I agree 100%. my vehicle is not "normal" its 1600 pounds soaking wet and has a 3cyl 49hp engine. the alternator alone takes 10% of my engines power output.

for me its less about SIZE of savings and more about relative savings.

it will cost me about $250 to put in an electric water pump and convert to LED headlights. but it will save me in excess of $300 a year. so $50 the first year $300+ the second year etc.. etc.. IE well worth it.

And while I can not go ELECTRIC yet I can minimize how much of my money I give to oil companies by using less  hehe until I can go electric and give them close to NOTHING. and I will go electric. I have already decided I will NEVER buy a "new" car unless its electric. and not this slap in the face F*&K YOU USA volt filth GM's putting out either. Grrr that car makes me sooooo mad I want to burst.

My commute is also "not normal" I drive 40,000 miles a year minimum so I accrue savings from these kinds of changes rather quickly compared to the average person.

your .42 miles would be almost 1 mile for me (longer commute more at night) it would equal an extra mile per day or over 300 extra miles per year.

this means 3 "less" charge cycles on the battery pack per year if you get 100 miles to a charge. ie 3 FREE full charges per year.

to me thats worth it especially if its cheap to make the change.

I got the LED for $16 the Copper heat sink for $9 the lens for $4

so round that up to $30 each light. (assuming it works of course) so $60 for the pair.

good quality H4 bulbs are $15 to $20 a pop the bulbs I use (sealed beam) are $18 a pop.

so $36 for a set of bulbs. I usually get 2-3 years on my bulbs. (I drive A LOT) a lot less on the metro (rougher ride I think it "beats up" the bulbs a bit more than they like so 2 years)

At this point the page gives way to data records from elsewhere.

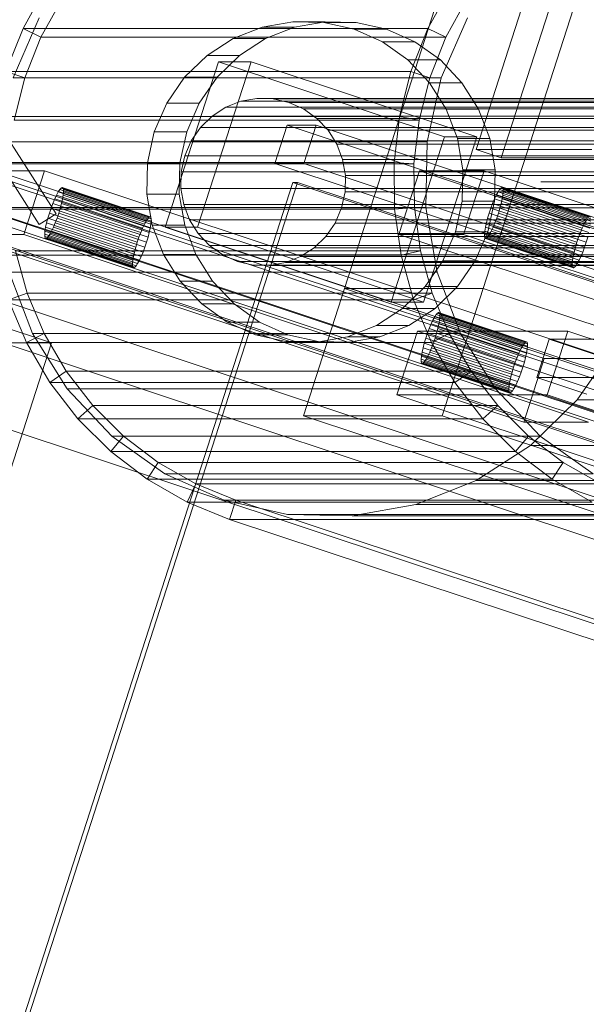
# Model space of a CAD drawing. Header units: millimetres. Extents: x -4395 to 65662, y -65530 to 6847.
# Tile 807 of 1034: x 19913 to 19997, y 2348 to 2495. Entities that reach past the tile are written whole.
import ezdxf

# ---------------------------------------------------------------- set-up
doc = ezdxf.new("R2010")
doc.units = ezdxf.units.MM
for name, color, linetype, lineweight in [('COTAS_P', 1, 'Continuous', 0), ('lateral_C07', 7, 'Continuous', 0), ('lateral_fines-r33-C07-C02', 7, 'Continuous', 0)]:
    doc.layers.add(name, color=color, linetype=linetype, lineweight=lineweight)
doc.dimstyles.new('R19_100', dxfattribs={"dimtxt": 250, "dimasz": 150, "dimexe": 150, "dimexo": 80, "dimgap": 100, "dimtad": 1, "dimtih": 1, "dimtoh": 1, "dimdsep": 46, "dimcen": 0.09, "dimadec": 0, "dimazin": 0, "dimtfac": 1, "dimtdec": 4, "dimtofl": 0, "dimtmove": 0, "dimatfit": 3, "dimfxl": 1, "dimtolj": 1, "dimtzin": 0, "dimarcsym": 0})

# ---------------------------------------------------------------- blocks, each defined once
blk = doc.blocks.new('DIM_R33_4')
at = {"layer": 'COTAS_P'}
for p, q in [((15248.37, 1279.09), (24311.82, 4109.09)), ((24311.82, 4109.09), (24155.23, 4107.34)), ((24311.82, 4109.09), (24182.05, 4021.43)), ((24580.07, 3250), (24311.82, 4109.09)), ((15248.37, 1279.09), (15378.14, 1366.76)), ((15248.37, 1279.09), (15404.97, 1280.85)), ((15516.62, 420), (15248.37, 1279.09))]:
    blk.add_line(p, q, dxfattribs=at)
blk.add_text('9495 P', height=250, rotation=17.3406, dxfattribs=at).set_placement((19750.29, 2789.55))
blk = doc.blocks.new('DIM_R33_19')
at = {"layer": 'COTAS_P'}
for p, q in [((19990.49, 2470.28), (20390.49, 2470.28)), ((20390.49, 2470.28), (20345.49, 2320.28)), ((20390.49, 0), (20390.49, 2470.28)), ((20390.49, 2470.28), (20435.49, 2320.28)), ((20390.49, 0), (20345.49, 150)), ((20390.49, 0), (20435.49, 150)), ((19990.49, 0), (20390.49, 0))]:
    blk.add_line(p, q, dxfattribs=at)
blk.add_text('2470.28 P', height=250, rotation=90, dxfattribs=at).set_placement((20290.49, 1235.14))

msp = doc.modelspace()

# ---------------------------------------------------------------- linework, layer by layer
at = {"layer": 'lateral_C07'}
for p, q in [((19961.172, 2454.378), (19994.869, 2558.923)), ((19981.894, 2454.378), (20015.591, 2558.923)), ((19980.814, 2475.115), (20002.87, 2543.545)), ((19984.559, 2473.871), (20006.615, 2542.301)), ((19913.2, 2493.196), (19916.549, 2499.237)), ((19976.988, 2499.237), (19973.639, 2493.196)), ((19919.024, 2497.598), (19915.864, 2491.898)), ((19976.303, 2491.898), (19979.463, 2497.598)), ((19911.738, 2485.829), (19915.625, 2494.801)), ((19979.518, 2494.801), (19975.63, 2485.829)), ((19910.656, 2486.762), (19913.2, 2493.196)), ((19913.2, 2493.196), (19915.864, 2491.898)), ((19973.639, 2493.196), (19913.2, 2493.196)), ((19944.575, 2491.685), (19948.894, 2493.391)), ((19948.894, 2493.391), (19953.458, 2494.208)), ((19953.729, 2493.391), (19948.894, 2493.391)), ((19953.729, 2493.391), (19949.411, 2491.685)), ((19953.458, 2494.208), (19958.091, 2494.106)), ((19958.293, 2494.208), (19953.458, 2494.208)), ((19958.293, 2494.208), (19953.729, 2493.391)), ((19958.091, 2494.106), (19962.615, 2493.088)), ((19962.926, 2494.106), (19958.091, 2494.106)), ((19962.926, 2494.106), (19958.293, 2494.208)), ((19967.451, 2493.088), (19962.926, 2494.106)), ((19973.639, 2493.196), (19971.095, 2486.762)), ((19976.303, 2491.898), (19973.639, 2493.196)), ((19915.864, 2491.898), (19913.465, 2485.829)), ((19915.864, 2491.898), (19976.303, 2491.898)), ((19962.615, 2493.088), (19966.857, 2491.194)), ((19967.451, 2493.088), (19962.615, 2493.088)), ((19971.692, 2491.194), (19967.451, 2493.088)), ((19973.904, 2485.829), (19976.303, 2491.898)), ((19940.667, 2489.157), (19944.575, 2491.685)), ((19949.411, 2491.685), (19944.575, 2491.685)), ((19949.411, 2491.685), (19945.502, 2489.157)), ((19966.857, 2491.194), (19970.654, 2488.495)), ((19971.692, 2491.194), (19966.857, 2491.194)), ((19975.489, 2488.495), (19971.692, 2491.194)), ((19937.32, 2485.903), (19940.667, 2489.157)), ((19945.502, 2489.157), (19940.667, 2489.157)), ((19945.502, 2489.157), (19942.155, 2485.903)), ((19934.431, 2463.521), (19942.395, 2488.232)), ((19939.266, 2463.521), (19947.231, 2488.232)), ((19947.231, 2488.232), (19942.395, 2488.232)), ((19942.395, 2488.232), (19976.096, 2477.036)), ((19980.931, 2477.036), (19947.231, 2488.232)), ((19970.654, 2488.495), (19973.858, 2485.097)), ((19975.489, 2488.495), (19970.654, 2488.495)), ((19978.694, 2485.097), (19975.489, 2488.495)), ((19910.656, 2486.762), (19913.465, 2485.829)), ((19971.095, 2486.762), (19910.656, 2486.762)), ((19934.662, 2482.049), (19937.32, 2485.903)), ((19942.155, 2485.903), (19937.32, 2485.903)), ((19942.155, 2485.903), (19939.497, 2482.049)), ((19971.095, 2486.762), (19969.4, 2480.046)), ((19973.904, 2485.829), (19971.095, 2486.762)), ((19911.738, 2485.829), (19975.63, 2485.829)), ((19913.465, 2485.829), (19911.866, 2479.493)), ((19913.465, 2485.829), (19973.904, 2485.829)), ((19972.305, 2479.493), (19973.904, 2485.829)), ((19975.63, 2485.829), (19973.542, 2476.259)), ((19973.858, 2485.097), (19976.349, 2481.129)), ((19978.694, 2485.097), (19973.858, 2485.097)), ((19981.184, 2481.129), (19978.694, 2485.097)), ((19932.796, 2477.743), (19934.662, 2482.049)), ((19939.497, 2482.049), (19934.662, 2482.049)), ((19939.497, 2482.049), (19937.631, 2477.743)), ((19943.48, 2481.428), (19945.73, 2482.316)), ((19945.73, 2482.316), (19948.107, 2482.742)), ((20028.617, 2482.316), (19945.73, 2482.316)), ((19948.107, 2482.742), (19950.52, 2482.689)), ((20030.994, 2482.742), (19948.107, 2482.742)), ((19950.52, 2482.689), (19952.876, 2482.158)), ((20033.407, 2482.689), (19950.52, 2482.689)), ((19952.876, 2482.158), (19955.085, 2481.172)), ((20035.764, 2482.158), (19952.876, 2482.158)), ((19969.4, 2480.046), (19908.962, 2480.046)), ((19939.701, 2478.416), (19941.445, 2480.111)), ((19941.445, 2480.111), (19943.48, 2481.428)), ((20024.332, 2480.111), (19941.445, 2480.111)), ((20026.368, 2481.428), (19943.48, 2481.428)), ((19955.085, 2481.172), (19957.063, 2479.766)), ((20037.973, 2481.172), (19955.085, 2481.172)), ((19969.4, 2480.046), (19968.584, 2473.163)), ((19972.305, 2479.493), (19969.4, 2480.046)), ((19976.349, 2481.129), (19978.029, 2476.745)), ((19981.184, 2481.129), (19976.349, 2481.129)), ((19982.864, 2476.745), (19981.184, 2481.129)), ((19884.41, 2478.743), (26575.045, 255.924)), ((26579.362, 255.924), (19888.727, 2478.743)), ((19911.866, 2479.493), (19972.305, 2479.493)), ((19950.781, 2473.041), (19952.619, 2478.743)), ((19956.936, 2478.743), (19952.619, 2478.743)), ((19952.619, 2478.743), (26643.254, 255.924)), ((19955.098, 2473.041), (19956.936, 2478.743)), ((26647.571, 255.924), (19956.936, 2478.743)), ((19957.063, 2479.766), (19958.732, 2477.996)), ((20039.95, 2479.766), (19957.063, 2479.766)), ((19971.534, 2473), (19972.305, 2479.493)), ((19931.794, 2473.149), (19932.796, 2477.743)), ((19932.796, 2477.743), (19937.631, 2477.743)), ((19937.631, 2477.743), (19936.629, 2473.149)), ((19938.317, 2476.409), (19939.701, 2478.416)), ((20022.589, 2478.416), (19939.701, 2478.416)), ((19958.732, 2477.996), (19960.029, 2475.93)), ((20041.619, 2477.996), (19958.732, 2477.996)), ((19968.131, 2452.325), (19976.096, 2477.036)), ((19980.931, 2477.036), (19972.966, 2452.325)), ((19976.096, 2477.036), (19980.931, 2477.036)), ((19973.542, 2476.259), (19909.649, 2476.259)), ((19937.345, 2474.166), (19938.317, 2476.409)), ((20021.205, 2476.409), (19938.317, 2476.409)), ((19960.029, 2475.93), (19960.904, 2473.646)), ((20042.916, 2475.93), (19960.029, 2475.93)), ((19973.542, 2476.259), (19973.332, 2466.46)), ((19978.029, 2476.745), (19978.834, 2472.111)), ((19982.864, 2476.745), (19978.029, 2476.745)), ((19983.669, 2472.111), (19982.864, 2476.745)), ((19825.941, 2474.246), (20181.671, 2356.063)), ((20238.656, 2356.063), (19882.927, 2474.246)), ((19936.823, 2471.774), (19937.345, 2474.166)), ((19937.345, 2474.166), (20020.233, 2474.166)), ((19984.559, 2473.871), (19980.814, 2475.115)), ((19980.814, 2475.115), (19998.082, 2475.115)), ((26573.206, 250.221), (19882.571, 2473.041)), ((19886.889, 2473.041), (26577.524, 250.221)), ((19968.584, 2473.163), (19908.145, 2473.163)), ((19911.095, 2473), (19971.534, 2473)), ((19931.693, 2468.445), (19931.794, 2473.149)), ((19936.629, 2473.149), (19931.794, 2473.149)), ((19936.629, 2473.149), (19936.528, 2468.445)), ((26641.416, 250.221), (19950.781, 2473.041)), ((19950.781, 2473.041), (19955.098, 2473.041)), ((19955.098, 2473.041), (26645.733, 250.221)), ((19960.904, 2473.646), (19961.323, 2471.233)), ((20043.791, 2473.646), (19960.904, 2473.646)), ((19971.534, 2473), (19968.584, 2473.163)), ((19968.584, 2473.163), (19968.659, 2466.231)), ((19971.605, 2466.46), (19971.534, 2473)), ((20001.827, 2473.871), (19984.559, 2473.871)), ((19916.408, 2471.918), (19906.738, 2471.918)), ((19906.738, 2471.918), (19990.989, 2443.928)), ((19913.344, 2462.414), (19916.408, 2471.918)), ((20000.659, 2443.928), (19916.408, 2471.918)), ((19936.771, 2469.324), (19936.823, 2471.774)), ((20019.711, 2471.774), (19936.823, 2471.774)), ((19961.323, 2471.233), (19961.271, 2468.783)), ((20044.211, 2471.233), (19961.323, 2471.233)), ((19969.294, 2462.414), (19972.357, 2471.918)), ((19982.027, 2471.918), (19972.357, 2471.918)), ((19972.357, 2471.918), (20056.609, 2443.928)), ((19978.834, 2472.111), (19978.733, 2467.408)), ((19983.669, 2472.111), (19978.834, 2472.111)), ((19978.964, 2462.414), (19982.027, 2471.918)), ((20066.279, 2443.928), (19982.027, 2471.918)), ((19983.568, 2467.408), (19983.669, 2472.111)), ((19881.652, 2470.19), (26572.287, 247.37)), ((26572.978, 247.37), (19882.343, 2470.19)), ((19911.52, 2339.984), (19953.488, 2470.19)), ((19912.211, 2339.984), (19954.179, 2470.19)), ((19954.179, 2470.19), (19953.488, 2470.19)), ((19953.488, 2470.19), (26644.123, 247.37)), ((26644.814, 247.37), (19954.179, 2470.19)), ((19917.943, 2467.741), (19918.214, 2468.317)), ((19918.214, 2468.317), (19918.472, 2468.79)), ((19931.32, 2463.963), (19918.214, 2468.317)), ((19918.472, 2468.79), (19918.704, 2469.141)), ((19931.577, 2464.436), (19918.472, 2468.79)), ((19918.704, 2469.141), (19918.903, 2469.357)), ((19931.81, 2464.787), (19918.704, 2469.141)), ((19918.903, 2469.357), (19919.062, 2469.43)), ((19932.009, 2465.003), (19918.903, 2469.357)), ((19919.062, 2469.43), (19919.173, 2469.357)), ((19932.168, 2465.076), (19919.062, 2469.43)), ((19919.191, 2468.317), (19919.092, 2467.741)), ((19919.173, 2469.357), (19919.233, 2469.141)), ((19932.279, 2465.003), (19919.173, 2469.357)), ((19919.239, 2468.79), (19919.191, 2468.317)), ((19932.297, 2463.963), (19919.191, 2468.317)), ((19919.233, 2469.141), (19919.239, 2468.79)), ((19932.339, 2464.787), (19919.233, 2469.141)), ((19932.345, 2464.436), (19919.239, 2468.79)), ((19932.498, 2463.812), (19931.693, 2468.445)), ((19936.528, 2468.445), (19931.693, 2468.445)), ((19936.528, 2468.445), (19937.333, 2463.812)), ((19937.19, 2466.911), (19936.771, 2469.324)), ((20019.658, 2469.324), (19936.771, 2469.324)), ((19961.271, 2468.783), (19960.748, 2466.391)), ((20044.158, 2468.783), (19961.271, 2468.783)), ((19983.562, 2467.741), (19983.834, 2468.317)), ((19983.834, 2468.317), (19984.091, 2468.79)), ((19996.94, 2463.963), (19983.834, 2468.317)), ((19984.091, 2468.79), (19984.324, 2469.141)), ((19997.197, 2464.436), (19984.091, 2468.79)), ((19984.324, 2469.141), (19984.523, 2469.357)), ((19997.429, 2464.787), (19984.324, 2469.141)), ((19984.523, 2469.357), (19984.681, 2469.43)), ((19997.629, 2465.003), (19984.523, 2469.357)), ((19984.681, 2469.43), (19984.792, 2469.357)), ((19997.787, 2465.076), (19984.681, 2469.43)), ((19984.811, 2468.317), (19984.711, 2467.741)), ((19984.792, 2469.357), (19984.852, 2469.141)), ((19997.898, 2465.003), (19984.792, 2469.357)), ((19984.858, 2468.79), (19984.811, 2468.317)), ((19997.916, 2463.963), (19984.811, 2468.317)), ((19984.852, 2469.141), (19984.858, 2468.79)), ((19997.958, 2464.787), (19984.852, 2469.141)), ((19997.964, 2464.436), (19984.858, 2468.79)), ((19917.398, 2466.37), (19917.667, 2467.084)), ((19917.667, 2467.084), (19917.943, 2467.741)), ((19930.773, 2462.729), (19917.667, 2467.084)), ((19931.049, 2463.387), (19917.943, 2467.741)), ((19918.943, 2467.084), (19918.753, 2466.37)), ((19919.092, 2467.741), (19918.943, 2467.084)), ((19932.049, 2462.729), (19918.943, 2467.084)), ((19932.197, 2463.387), (19919.092, 2467.741)), ((19938.065, 2464.627), (19937.19, 2466.911)), ((20020.077, 2466.911), (19937.19, 2466.911)), ((19978.733, 2467.408), (19977.73, 2462.814)), ((19983.568, 2467.408), (19978.733, 2467.408)), ((19982.566, 2462.814), (19983.568, 2467.408)), ((19983.017, 2466.37), (19983.287, 2467.084)), ((19983.287, 2467.084), (19983.562, 2467.741)), ((19996.392, 2462.729), (19983.287, 2467.084)), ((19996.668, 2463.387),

the LED are impervious to shock of this nature and in THEORY if designed right will outlive YOU definitely outlive your car.

figure if you keep the car 10 years that's 5 sets of bulbs (in the metro 3 sets in a normal car) so $108 to $180 in bulbs alone depending on if you get 2 or 3 years out of each set.

you only paid $60 for the LED lights. 1/3 the cost. so already your saving upto $120 or more AND your saving 3 cycles on your battery PER YEAR (longer life on the battery pack) AND the electricity you would have consumed charging those 3 cycles.

thats a pretty good win in my book whether your driving gas or electric drive.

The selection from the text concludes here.